------ SUPPLIED RECORDS ------

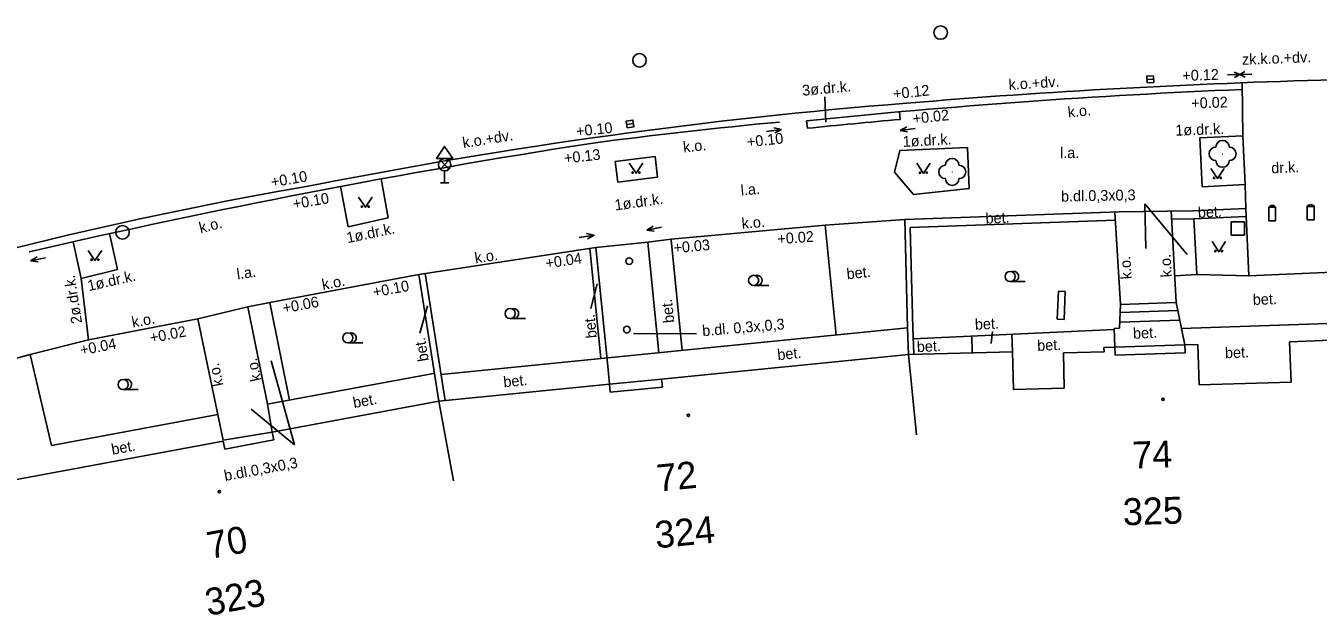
# Model space of a CAD drawing. Extents: x -597862 to -597276, y -1159156 to -1158889.
# Drawn here: x -597770.58 to -597722.63, y -1159095.96 to -1159074.09 of the extents above; entities that cross this region are included whole.
import ezdxf

# ---------------------------------------------------------------- set-up
doc = ezdxf.new("R2010")
doc.units = 0
for name, color, linetype in [('Vrstva 12', 7, 'Continuous'), ('Vrstva 14', 7, 'Continuous'), ('Vrstva 15', 7, 'Continuous'), ('Vrstva 23', 7, 'Continuous'), ('Vrstva 24', 7, 'Continuous'), ('Vrstva 25', 7, 'Continuous'), ('Vrstva 26', 7, 'Continuous'), ('Vrstva 29', 7, 'Continuous'), ('Vrstva 4', 7, 'Continuous'), ('Vrstva 43', 7, 'Continuous'), ('Vrstva 44', 7, 'Continuous'), ('Vrstva 49', 7, 'Continuous'), ('Vrstva 5', 7, 'Continuous'), ('Vrstva 50', 7, 'Continuous'), ('Vrstva 7', 7, 'Continuous')]:
    doc.layers.add(name, color=color, linetype=linetype)

msp = doc.modelspace()

# ---------------------------------------------------------------- linework, layer by layer
at = {"layer": 'Vrstva 12'}
for p, q in [((-597730.004, -1159085.309), (-597729.97, -1159084.43)), ((-597727.9, -1159084.36), (-597727.579, -1159085.927)), ((-597730.204, -1159085.316), (-597730.004, -1159085.309)), ((-597730.18, -1159086.016), (-597730.204, -1159085.316))]:
    msp.add_line(p, q, dxfattribs=at)
at = {"layer": 'Vrstva 14'}
for p, q in [((-597743.576, -1159083.721), (-597743.014, -1159083.721)), ((-597734.059, -1159083.576), (-597733.497, -1159083.576)), ((-597752.607, -1159084.954), (-597752.045, -1159084.954)), ((-597758.631, -1159085.857), (-597758.069, -1159085.857)), ((-597766.967, -1159087.584), (-597766.405, -1159087.584))]:
    msp.add_line(p, q, dxfattribs=at)
for points in [[(-597748.19, -1159079.184), (-597747.94, -1159079.559), (-597747.69, -1159079.184)], [(-597737.526, -1159079.19), (-597737.276, -1159079.565), (-597737.026, -1159079.19)], [(-597726.62, -1159079.384), (-597726.37, -1159079.759), (-597726.12, -1159079.384)], [(-597758.232, -1159080.445), (-597757.982, -1159080.82), (-597757.732, -1159080.445)], [(-597726.571, -1159082.098), (-597726.321, -1159082.473), (-597726.071, -1159082.098)], [(-597768.263, -1159082.421), (-597768.013, -1159082.796), (-597767.763, -1159082.421)]]:
    msp.add_lwpolyline(points, dxfattribs=at)
for centre, radius in [((-597726.18, -1159078.84), 0.00025), ((-597748.065, -1159079.534), 0.025), ((-597747.815, -1159079.534), 0.025), ((-597737.401, -1159079.54), 0.025), ((-597737.151, -1159079.54), 0.025), ((-597736.21, -1159079.51), 0.00025), ((-597726.495, -1159079.734), 0.025), ((-597726.245, -1159079.734), 0.025), ((-597758.107, -1159080.795), 0.025), ((-597757.857, -1159080.795), 0.025), ((-597726.446, -1159082.448), 0.025), ((-597726.196, -1159082.448), 0.025), ((-597768.138, -1159082.771), 0.025), ((-597767.888, -1159082.771), 0.025), ((-597743.576, -1159083.533), 0.188), ((-597734.059, -1159083.388), 0.188), ((-597752.607, -1159084.766), 0.188), ((-597758.631, -1159085.669), 0.188), ((-597766.967, -1159087.396), 0.188)]:
    msp.add_circle(centre, radius, dxfattribs=at)
for centre, radius, start, end in [((-597726.43, -1159078.84), 0.25, 90, 270), ((-597726.18, -1159078.59), 0.25, 0, 180), ((-597725.93, -1159078.84), 0.25, 270, 90), ((-597736.21, -1159079.26), 0.25, 0, 180), ((-597726.18, -1159079.09), 0.25, 180, 360), ((-597736.46, -1159079.51), 0.25, 90, 270), ((-597735.96, -1159079.51), 0.25, 270, 90), ((-597736.21, -1159079.76), 0.25, 180, 360), ((-597743.451, -1159083.533), 0.188, 249.4944, 109.0474), ((-597733.934, -1159083.388), 0.188, 249.4944, 109.0474), ((-597752.482, -1159084.766), 0.188, 249.4944, 109.0474), ((-597758.506, -1159085.669), 0.188, 249.4944, 109.0474), ((-597766.842, -1159087.396), 0.188, 249.4944, 109.0474)]:
    msp.add_arc(centre, radius, start, end, dxfattribs=at)
at = {"layer": 'Vrstva 15'}
for points in [[(-597729.97, -1159084.43), (-597727.9, -1159084.36)], [(-597729.982, -1159084.731), (-597727.839, -1159084.658)], [(-597729.996, -1159085.09), (-597727.766, -1159085.014)]]:
    msp.add_lwpolyline(points, dxfattribs=at)
for centre in [(-597728.393, -1159087.951), (-597745.995, -1159088.542), (-597763.396, -1159091.371)]:
    msp.add_circle(centre, 0.0438, dxfattribs=at)
at = {"layer": 'Vrstva 23'}
for p, q in [((-597725.36, -1159081.36), (-597725.86, -1159081.36)), ((-597725.86, -1159081.36), (-597725.86, -1159081.86)), ((-597725.36, -1159081.86), (-597725.36, -1159081.36)), ((-597725.86, -1159081.86), (-597725.36, -1159081.86))]:
    msp.add_line(p, q, dxfattribs=at)
at = {"layer": 'Vrstva 24'}
msp.add_circle((-597748.19, -1159082.82), 0.125, dxfattribs=at)
at = {"layer": 'Vrstva 25'}
for p, q in [((-597728.985, -1159076.076), (-597728.735, -1159076.064)), ((-597748.284, -1159077.747), (-597748.036, -1159077.713))]:
    msp.add_line(p, q, dxfattribs=at)
for points in [[(-597728.978, -1159076.201), (-597728.729, -1159076.188), (-597728.742, -1159075.939), (-597728.991, -1159075.952)], [(-597748.267, -1159077.871), (-597748.019, -1159077.837), (-597748.053, -1159077.589), (-597748.301, -1159077.623)]]:
    msp.add_lwpolyline(points, close=True, dxfattribs=at)
for centre in [(-597736.64, -1159074.34), (-597747.81, -1159075.37), (-597766.99, -1159081.75)]:
    msp.add_circle(centre, 0.25, dxfattribs=at)
at = {"layer": 'Vrstva 26'}
msp.add_circle((-597748.28, -1159085.36), 0.125, dxfattribs=at)
at = {"layer": 'Vrstva 29'}
msp.add_lwpolyline([(-597732.06, -1159084.98), (-597732.02, -1159083.95), (-597732.27, -1159083.94), (-597732.311, -1159084.97)], close=True, dxfattribs=at)
at = {"layer": 'Vrstva 4'}
for p, q in [((-597730.18, -1159086.016), (-597727.579, -1159085.927)), ((-597727.579, -1159085.926), (-597727.1, -1159085.91)), ((-597727.568, -1159086.226), (-597727.579, -1159085.927)), ((-597727.05, -1159087.409), (-597727.1, -1159085.91)), ((-597723.69, -1159085.81), (-597719.78, -1159085.67)), ((-597723.636, -1159087.309), (-597723.69, -1159085.81)), ((-597746.993, -1159087.195), (-597737.83, -1159086.28)), ((-597737.83, -1159086.28), (-597733.97, -1159086.18)), ((-597737.532, -1159089.265), (-597737.83, -1159086.28)), ((-597733.934, -1159087.588), (-597733.97, -1159086.18)), ((-597730.575, -1159086.18), (-597732.085, -1159086.22)), ((-597732.085, -1159086.22), (-597732.051, -1159087.54)), ((-597730.58, -1159086.03), (-597730.18, -1159086.016)), ((-597730.575, -1159086.18), (-597730.58, -1159086.03)), ((-597730.18, -1159086.016), (-597730.169, -1159086.315)), ((-597755.26, -1159088.02), (-597748.923, -1159087.388)), ((-597748.923, -1159087.388), (-597746.993, -1159087.195)), ((-597748.923, -1159087.387), (-597748.893, -1159087.685)), ((-597746.993, -1159087.195), (-597746.963, -1159087.493)), ((-597727.05, -1159087.409), (-597723.636, -1159087.309)), ((-597732.051, -1159087.54), (-597733.934, -1159087.588)), ((-597761.436, -1159089.164), (-597755.26, -1159088.02)), ((-597754.714, -1159090.97), (-597755.26, -1159088.02)), ((-597763.26, -1159089.46), (-597761.436, -1159089.164)), ((-597761.436, -1159089.163), (-597761.381, -1159089.457)), ((-597772.44, -1159091.2), (-597763.253, -1159089.499)), ((-597763.198, -1159089.793), (-597763.253, -1159089.499))]:
    msp.add_line(p, q, dxfattribs=at)
at = {"layer": 'Vrstva 44'}
for p, q in [((-597754.89, -1159079.07), (-597755.19, -1159079.414)), ((-597755.19, -1159079.07), (-597754.89, -1159079.414)), ((-597755.04, -1159079.92), (-597755.04, -1159079.47)), ((-597755.19, -1159079.92), (-597754.89, -1159079.92))]:
    msp.add_line(p, q, dxfattribs=at)
msp.add_lwpolyline([(-597755.34, -1159079.014), (-597754.74, -1159079.014), (-597755.04, -1159078.564), (-597755.34, -1159079.014)], dxfattribs=at)
for points in [[(-597724.465, -1159081.32), (-597724.215, -1159081.32), (-597724.215, -1159080.82), (-597724.465, -1159080.82)], [(-597723.035, -1159081.29), (-597722.785, -1159081.29), (-597722.785, -1159080.79), (-597723.035, -1159080.79)]]:
    msp.add_lwpolyline(points, close=True, dxfattribs=at)
msp.add_circle((-597755.04, -1159079.242), 0.228, dxfattribs=at)
for centre in [(-597724.34, -1159080.905), (-597722.91, -1159080.875)]:
    msp.add_arc(centre, 0.151, 34.3319, 145.6681, dxfattribs=at)
at = {"layer": 'Vrstva 49'}
for p, q in [((-597725.094, -1159075.88), (-597725.994, -1159075.912)), ((-597725.544, -1159075.896), (-597725.748, -1159075.806)), ((-597725.544, -1159075.896), (-597725.348, -1159075.789)), ((-597725.544, -1159075.896), (-597725.742, -1159076.002)), ((-597725.544, -1159075.896), (-597725.343, -1159075.989)), ((-597740.9, -1159077.659), (-597740.931, -1159076.721)), ((-597743.102, -1159078.01), (-597742.544, -1159077.934)), ((-597742.544, -1159077.934), (-597742.821, -1159077.876)), ((-597742.544, -1159077.934), (-597742.793, -1159078.066)), ((-597738.141, -1159077.968), (-597737.892, -1159077.837)), ((-597737.583, -1159077.894), (-597738.141, -1159077.968)), ((-597738.141, -1159077.968), (-597737.864, -1159078.027)), ((-597729.066, -1159080.7), (-597729.021, -1159082.351)), ((-597729.066, -1159080.7), (-597727.487, -1159082.576)), ((-597747.543, -1159081.671), (-597747.301, -1159081.526)), ((-597746.989, -1159081.566), (-597747.543, -1159081.671)), ((-597750.05, -1159081.94), (-597749.494, -1159081.852)), ((-597749.494, -1159081.852), (-597749.772, -1159081.801)), ((-597749.494, -1159081.852), (-597749.74, -1159081.989)), ((-597747.543, -1159081.671), (-597747.263, -1159081.714)), ((-597770.399, -1159082.804), (-597770.157, -1159082.659)), ((-597769.845, -1159082.699), (-597770.399, -1159082.804)), ((-597770.399, -1159082.804), (-597770.119, -1159082.847)), ((-597749.62, -1159084.576), (-597749.387, -1159083.668)), ((-597755.961, -1159085.489), (-597755.67, -1159084.485)), ((-597734.71, -1159085.426), (-597734.758, -1159085.871)), ((-597748.028, -1159085.511), (-597745.69, -1159085.512)), ((-597760.612, -1159089.638), (-597761.476, -1159086.517)), ((-597760.612, -1159089.638), (-597762.213, -1159088.315))]:
    msp.add_line(p, q, dxfattribs=at)
at = {"layer": 'Vrstva 5'}
for p, q in [((-597727.568, -1159086.226), (-597730.169, -1159086.315)), ((-597748.893, -1159087.685), (-597746.963, -1159087.493)), ((-597763.198, -1159089.793), (-597761.381, -1159089.457))]:
    msp.add_line(p, q, dxfattribs=at)
at = {"layer": 'Vrstva 7'}
for p, q in [((-597725.453, -1159076.201), (-597725.43, -1159078.17)), ((-597738.16, -1159077.28), (-597738.135, -1159077.56)), ((-597741.58, -1159077.89), (-597741.618, -1159077.612)), ((-597727.025, -1159078.249), (-597725.43, -1159078.17)), ((-597727.025, -1159078.249), (-597726.935, -1159080.059)), ((-597725.43, -1159078.17), (-597725.34, -1159079.98)), ((-597738.35, -1159079.52), (-597738.15, -1159078.72)), ((-597738.15, -1159078.72), (-597735.64, -1159078.61)), ((-597735.64, -1159078.61), (-597735.58, -1159080.12)), ((-597747.233, -1159078.944), (-597748.713, -1159079.124)), ((-597748.713, -1159079.124), (-597748.62, -1159079.89)), ((-597747.14, -1159079.71), (-597747.233, -1159078.944)), ((-597748.62, -1159079.89), (-597747.14, -1159079.71)), ((-597758.62, -1159081.55), (-597758.903, -1159080.051)), ((-597757.13, -1159081.22), (-597757.396, -1159079.771)), ((-597726.935, -1159080.059), (-597725.34, -1159079.973)), ((-597725.34, -1159079.98), (-597725.31, -1159080.87)), ((-597737.97, -1159081.28), (-597730.021, -1159080.995)), ((-597730.17, -1159081), (-597729.97, -1159084.43)), ((-597730.021, -1159080.995), (-597728.239, -1159080.961)), ((-597728.239, -1159080.961), (-597727.26, -1159080.95)), ((-597728.09, -1159080.96), (-597727.9, -1159084.36)), ((-597727.26, -1159080.95), (-597725.31, -1159080.87)), ((-597725.208, -1159083.368), (-597725.31, -1159080.87)), ((-597758.62, -1159081.55), (-597757.13, -1159081.22)), ((-597746.64, -1159082.01), (-597740.92, -1159081.49)), ((-597740.92, -1159081.49), (-597737.97, -1159081.28)), ((-597740.92, -1159081.49), (-597740.513, -1159085.563)), ((-597737.97, -1159081.28), (-597737.87, -1159085.3)), ((-597737.763, -1159081.573), (-597730.153, -1159081.3)), ((-597737.763, -1159081.573), (-597737.67, -1159085.293)), ((-597728.073, -1159081.259), (-597727.252, -1159081.25)), ((-597727.252, -1159081.25), (-597725.298, -1159081.17)), ((-597727.243, -1159081.25), (-597727.128, -1159083.315)), ((-597768.52, -1159083.46), (-597768.825, -1159082.101)), ((-597767.18, -1159083.13), (-597767.472, -1159081.8)), ((-597749.43, -1159082.31), (-597747.5, -1159082.12)), ((-597747.5, -1159082.12), (-597746.64, -1159082.01)), ((-597747.5, -1159082.12), (-597747.09, -1159086.22)), ((-597746.637, -1159082.033), (-597746.227, -1159086.134)), ((-597756, -1159083.32), (-597749.43, -1159082.31)), ((-597749.648, -1159082.343), (-597749.239, -1159086.435)), ((-597749.43, -1159082.31), (-597749.002, -1159086.591)), ((-597768.52, -1159083.46), (-597767.18, -1159083.13)), ((-597768.25, -1159085.74), (-597768.52, -1159083.46)), ((-597761.53, -1159084.35), (-597756, -1159083.32)), ((-597756, -1159083.32), (-597755.26, -1159088.02)), ((-597755.763, -1159083.284), (-597755.021, -1159087.996)), ((-597727.956, -1159083.361), (-597727.128, -1159083.314)), ((-597725.208, -1159083.368), (-597727.128, -1159083.314)), ((-597725.208, -1159083.368), (-597719.931, -1159083.14)), ((-597764.2, -1159084.96), (-597762.34, -1159084.51)), ((-597762.34, -1159084.51), (-597761.53, -1159084.35)), ((-597761.61, -1159088.13), (-597762.34, -1159084.51)), ((-597760.797, -1159087.979), (-597761.529, -1159084.35)), ((-597768.25, -1159085.74), (-597764.2, -1159084.96)), ((-597764.2, -1159084.96), (-597763.26, -1159089.46)), ((-597755.173, -1159087.028), (-597737.87, -1159085.299)), ((-597737.87, -1159085.3), (-597737.83, -1159086.28)), ((-597737.67, -1159085.293), (-597737.63, -1159086.275)), ((-597737.653, -1159085.702), (-597730.203, -1159085.353)), ((-597727.702, -1159085.326), (-597720.25, -1159085.059)), ((-597770.42, -1159086.28), (-597768.25, -1159085.74)), ((-597735.48, -1159085.6), (-597735.464, -1159086.219)), ((-597733.97, -1159086.18), (-597734, -1159085.531)), ((-597773.51, -1159087.12), (-597770.42, -1159086.28)), ((-597770.42, -1159086.28), (-597769.63, -1159089.66)), ((-597749.002, -1159086.591), (-597748.923, -1159087.387)), ((-597761.626, -1159088.133), (-597755.45, -1159086.989)), ((-597761.61, -1159088.13), (-597761.436, -1159089.164)), ((-597769.63, -1159089.66), (-597763.457, -1159088.517))]:
    msp.add_line(p, q, dxfattribs=at)
msp.add_lwpolyline([(-597735.58, -1159080.12), (-597737.65, -1159080.35), (-597738.35, -1159079.52)], dxfattribs=at)
for centre, radius, start, end in [((-597714.654, -1159355.996), 280.003, 91.51148, 94.7642), ((-597714.417, -1159343.13), 266.908, 92.36905, 95.84925), ((-597722.763, -1159267.35), 190.992, 94.5488, 101.17556), ((-597725.696, -1159259.024), 182.152, 95.33101, 97.54698), ((-597714.417, -1159343.13), 266.627, 95.10351, 95.84925), ((-597703.752, -1159372.098), 297.208, 98.87799, 102.96856), ((-597733.048, -1159235.075), 157.382, 99.77922, 107.63596)]:
    msp.add_arc(centre, radius, start, end, dxfattribs=at)

# ---------------------------------------------------------------- texts
at = {"layer": 'Vrstva 43'}
for s, rotation, p in [('74', 1.882, (-597729.514, -1159090.519)), ('72', 5.7008, (-597747.122, -1159091.374)), ('325', 1.882, (-597729.865, -1159092.627)), ('70', 10.4867, (-597763.753, -1159093.877)), ('324', 5.7008, (-597747.193, -1159093.482)), ('323', 10.4867, (-597763.824, -1159095.985))]:
    msp.add_text(s, height=1, rotation=rotation, dxfattribs=at).set_placement(p)
at = {"layer": 'Vrstva 49'}
for s, rotation, p in [('zk.k.o.+dv.', 2.1816, (-597725.453, -1159075.537)), ('3ø.dr.k.', 5.3035, (-597741.756, -1159076.686)), ('k.o.+dv.', 3.7721, (-597734.105, -1159076.471)), ('k.o.', 6.2804, (-597731.902, -1159077.496)), ('1ø.dr.k.', 2.1569, (-597727.924, -1159078.167)), ('k.o.+dv.', 8.9787, (-597754.344, -1159078.627)), ('1ø.dr.k.', 3.1296, (-597738.035, -1159078.584)), ('k.o.', 6.2804, (-597746.173, -1159078.792)), ('l.a.', 0.4195, (-597732.207, -1159079.001)), ('dr.k.', 2.4455, (-597724.365, -1159079.567)), ('l.a.', 5.1469, (-597744.038, -1159080.39)), ('b.dl.0,3x0,3', 1.1293, (-597732.168, -1159080.613)), ('1ø.dr.k.', 7.8971, (-597748.706, -1159080.941)), ('bet.', 2.6793, (-597734.965, -1159081.433)), ('bet.', 2.6793, (-597727.088, -1159081.215)), ('k.o.', 14.0916, (-597764.095, -1159081.786)), ('1ø.dr.k.', 11.7721, (-597758.634, -1159082.154)), ('k.o.', 4.8129, (-597744.005, -1159081.623)), ('k.o.', 8.7396, (-597753.895, -1159082.904)), ('k.o.', 93.3371, (-597728.062, -1159083.408)), ('l.a.', 8.3716, (-597762.723, -1159083.501)), ('bet.', 5.7044, (-597740.108, -1159083.494)), ('k.o.', 93.3371, (-597729.551, -1159083.482)), ('2ø.dr.k.', 98.9791, (-597768.488, -1159085.108)), ('1ø.dr.k.', 12.587, (-597768.239, -1159083.934)), ('k.o.', 10.5508, (-597759.556, -1159083.89)), ('bet.', 1.9942, (-597725.051, -1159084.446)), ('bet.', 95.7092, (-597746.52, -1159085.096)), ('k.o.', 10.9013, (-597766.607, -1159085.291)), ('bet.', 95.6847, (-597749.389, -1159085.661)), ('b.dl. 0,3x,0,3', 4.8827, (-597745.467, -1159085.607)), ('bet.', 2.6793, (-597735.36, -1159085.366)), ('bet.', 2.6793, (-597729.492, -1159085.702)), ('bet.', 99.2988, (-597755.629, -1159086.51)), ('bet.', 2.6793, (-597737.513, -1159086.198)), ('bet.', 2.6793, (-597733.048, -1159086.153)), ('bet.', 5.7044, (-597742.677, -1159086.497)), ('bet.', 1.9942, (-597726.083, -1159086.423)), ('k.o.', 101.7988, (-597763.246, -1159087.422)), ('k.o.', 101.7988, (-597761.836, -1159087.236)), ('bet.', 5.7044, (-597752.842, -1159087.504)), ('bet.', 10.4941, (-597758.401, -1159088.275)), ('bet.', 10.493, (-597767.364, -1159090.008)), ('b.dl.0,3x0,3', 10.4187, (-597763.185, -1159090.981))]:
    msp.add_text(s, height=0.4, rotation=rotation, dxfattribs=at).set_placement(p)
at = {"layer": 'Vrstva 50'}
for s, rotation, p in [('+0.12', 1.9464, (-597727.664, -1159076.136)), ('+0.12', 6.2451, (-597738.38, -1159076.815)), ('+0.02', 1.9464, (-597727.334, -1159077.16)), ('+0.02', 6.2451, (-597737.654, -1159077.733)), ('+0.10', 6.2451, (-597750.14, -1159078.203)), ('+0.10', 6.2451, (-597743.802, -1159078.597)), ('+0.13', 6.2451, (-597750.587, -1159079.199)), ('+0.10', 9.8607, (-597761.446, -1159080.086)), ('+0.10', 9.8607, (-597760.636, -1159080.898)), ('+0.03', 5.1944, (-597746.53, -1159082.528)), ('+0.02', 4.0718, (-597742.681, -1159082.195)), ('+0.04', 8.7396, (-597751.264, -1159083.1)), ('+0.10', 10.5508, (-597757.661, -1159084.166)), ('+0.06', 10.5508, (-597761.01, -1159084.759)), ('+0.02', 10.9013, (-597765.933, -1159085.864)), ('+0.04', 10.9013, (-597768.523, -1159086.318))]:
    msp.add_text(s, height=0.4, rotation=rotation, dxfattribs=at).set_placement(p)

doc.saveas('drawing.dxf')

------

### WHAT IS REQUIRED
Given the records above, restate word for word only the lines starting at the one with "# Drawn here: x" and ending at the one with "doc.units = 0".

### EXERCISE RESPONSE
# Drawn here: x -597770.58 to -597722.63, y -1159095.96 to -1159074.09 of the extents above; entities that cross this region are included whole.
import ezdxf

# ---------------------------------------------------------------- set-up
doc = ezdxf.new("R2010")
doc.units = 0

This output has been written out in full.